Between 16th February 2023 – 16th February 2024, a total of 900,790 shares were repurchased and the FONET shares owned by our Company reached a total of 2,012,290 shares (1.40% of the Company's capital) together with the shares acquired due to the 260% bonus issue made during this period. The details of the shares repurchased during the program are available in the table above. The transactions carried out within the scope of the 'Buy-Back Program' will be presented to the shareholders at the first General Assembly Meeting of our Company.

(Amount of shares acquired through bonus issue: 1,111,500 shares)

Adjustments have been made in the table of termination of repurchase transaction regarding the bonus issue of 260% made on 11th December 2023.

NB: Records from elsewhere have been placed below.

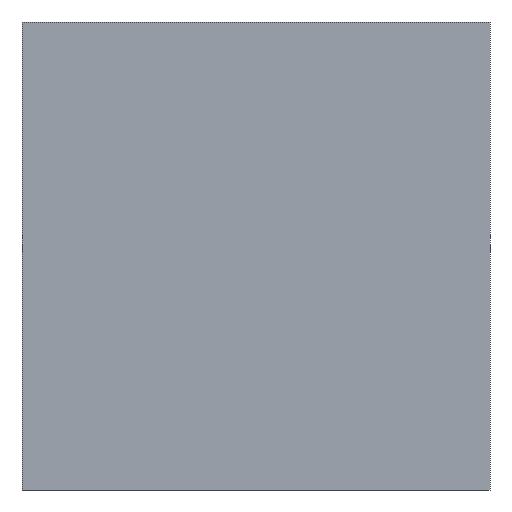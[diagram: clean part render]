
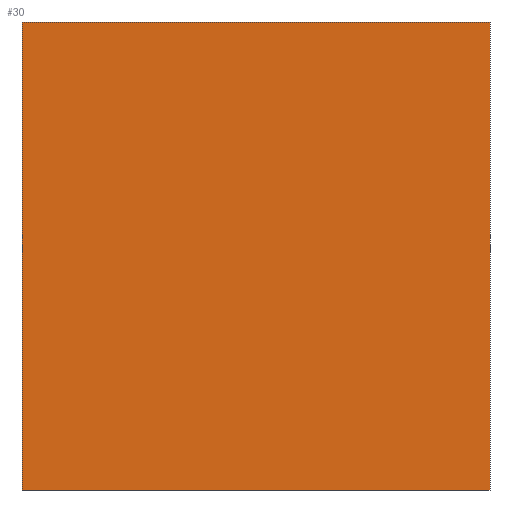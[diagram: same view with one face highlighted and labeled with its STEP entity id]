
A CAD part, front view. The second image highlights one B-rep face of the part: STEP entity #30.
In plain terms, the highlighted planar face has unit normal (0, -1, 0).
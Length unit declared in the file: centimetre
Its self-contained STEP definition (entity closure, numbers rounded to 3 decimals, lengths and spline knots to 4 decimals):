
#2 = AXIS2_PLACEMENT_3D ( 'NONE', #18, #59, #186 ) ;
#4 = DIRECTION ( 'NONE',  ( 0., 0., -1. ) ) ;
#6 = ORIENTED_EDGE ( 'NONE', *, *, #131, .F. ) ;
#8 = CARTESIAN_POINT ( 'NONE',  ( 0., 0., 1000. ) ) ;
#18 = CARTESIAN_POINT ( 'NONE',  ( 0., 0., 1000. ) ) ;
#27 = VECTOR ( 'NONE', #344, 100. ) ;
#30 = ADVANCED_FACE ( 'NONE', ( #238 ), #176, .F. ) ;
#31 = CARTESIAN_POINT ( 'NONE',  ( 1000., 0., 1000. ) ) ;
#35 = EDGE_CURVE ( 'NONE', #351, #236, #332, .T. ) ;
#50 = CARTESIAN_POINT ( 'NONE',  ( 0., 0., 1000. ) ) ;
#59 = DIRECTION ( 'NONE',  ( 0., 1., 0. ) ) ;
#99 = CARTESIAN_POINT ( 'NONE',  ( 1000., 0., 1000. ) ) ;
#102 = CARTESIAN_POINT ( 'NONE',  ( 1000., 0., 0. ) ) ;
#131 = EDGE_CURVE ( 'NONE', #351, #230, #191, .T. ) ;
#132 = LINE ( 'NONE', #187, #174 ) ;
#139 = EDGE_CURVE ( 'NONE', #230, #201, #248, .T. ) ;
#156 = CARTESIAN_POINT ( 'NONE',  ( 0., 0., 0. ) ) ;
#174 = VECTOR ( 'NONE', #305, 100. ) ;
#176 = PLANE ( 'NONE',  #2 ) ;
#179 = DIRECTION ( 'NONE',  ( 0., 0., -1. ) ) ;
#186 = DIRECTION ( 'NONE',  ( 0., 0., 1. ) ) ;
#187 = CARTESIAN_POINT ( 'NONE',  ( 0., 0., 0. ) ) ;
#191 = LINE ( 'NONE', #217, #27 ) ;
#201 = VERTEX_POINT ( 'NONE', #102 ) ;
#217 = CARTESIAN_POINT ( 'NONE',  ( 0., 0., 1000. ) ) ;
#230 = VERTEX_POINT ( 'NONE', #99 ) ;
#232 = ORIENTED_EDGE ( 'NONE', *, *, #234, .T. ) ;
#234 = EDGE_CURVE ( 'NONE', #236, #201, #132, .T. ) ;
#236 = VERTEX_POINT ( 'NONE', #156 ) ;
#238 = FACE_OUTER_BOUND ( 'NONE', #299, .T. ) ;
#248 = LINE ( 'NONE', #31, #249 ) ;
#249 = VECTOR ( 'NONE', #4, 100. ) ;
#291 = ORIENTED_EDGE ( 'NONE', *, *, #35, .T. ) ;
#299 = EDGE_LOOP ( 'NONE', ( #232, #368, #6, #291 ) ) ;
#305 = DIRECTION ( 'NONE',  ( 1., 0., 0. ) ) ;
#318 = VECTOR ( 'NONE', #179, 100. ) ;
#332 = LINE ( 'NONE', #50, #318 ) ;
#344 = DIRECTION ( 'NONE',  ( 1., 0., 0. ) ) ;
#351 = VERTEX_POINT ( 'NONE', #8 ) ;
#368 = ORIENTED_EDGE ( 'NONE', *, *, #139, .F. ) ;

  • - 23.02.2024: Our Company participated in a tender of "KKTC e- Notification System Service Procurement" that was made by "Türksat Uydu Haberleşme Kablo TV ve İşletme A.Ş." on the date of 23.02.2024. There were 5 (five) companies participated in regarding tender that the best offer has been given by our company with the amount of 655.000 USD.
  • - 07.03.2024: Within the scope of the 1-year share repurchase transactions initiated with the decision of our Company's Board of Directors dated 16.02.2023,

A total of 2,012,290 shares were repurchased and the process ended on 16.02.2024. The ratio of total repurchased shares to the capital is 1.40%. (The total amount of repurchased shares is specified by taking into account the amount of shares obtained due to the bonus issue).

Of these repurchased shares, 350,000 shares representing 0.24% of our Company's capital were sold on Istanbul Stock Exchange on 07.03.2024 at an average price of 58.60 TRY per share.

  • - 28.03.2024: Our Company won the tender of "36-months Health Information Management System (HIMS) Service Procurement" that was made by Mardin Provincial Health Directorate and the legal objection process was completed. ''The Invitation To The Contract'' letter was sent to our company by the administration and then the contract signing phase was started. The tender price is 55.980.390,00 Turkish Liras.
  • - 29.03.2024: Mr. Abdülkerim GAZEN has been elected as the Chairman of the Board of Directors of our company and Mrs. Yasemin ŞAH has been elected as the Deputy Chairman of the Board of Directors.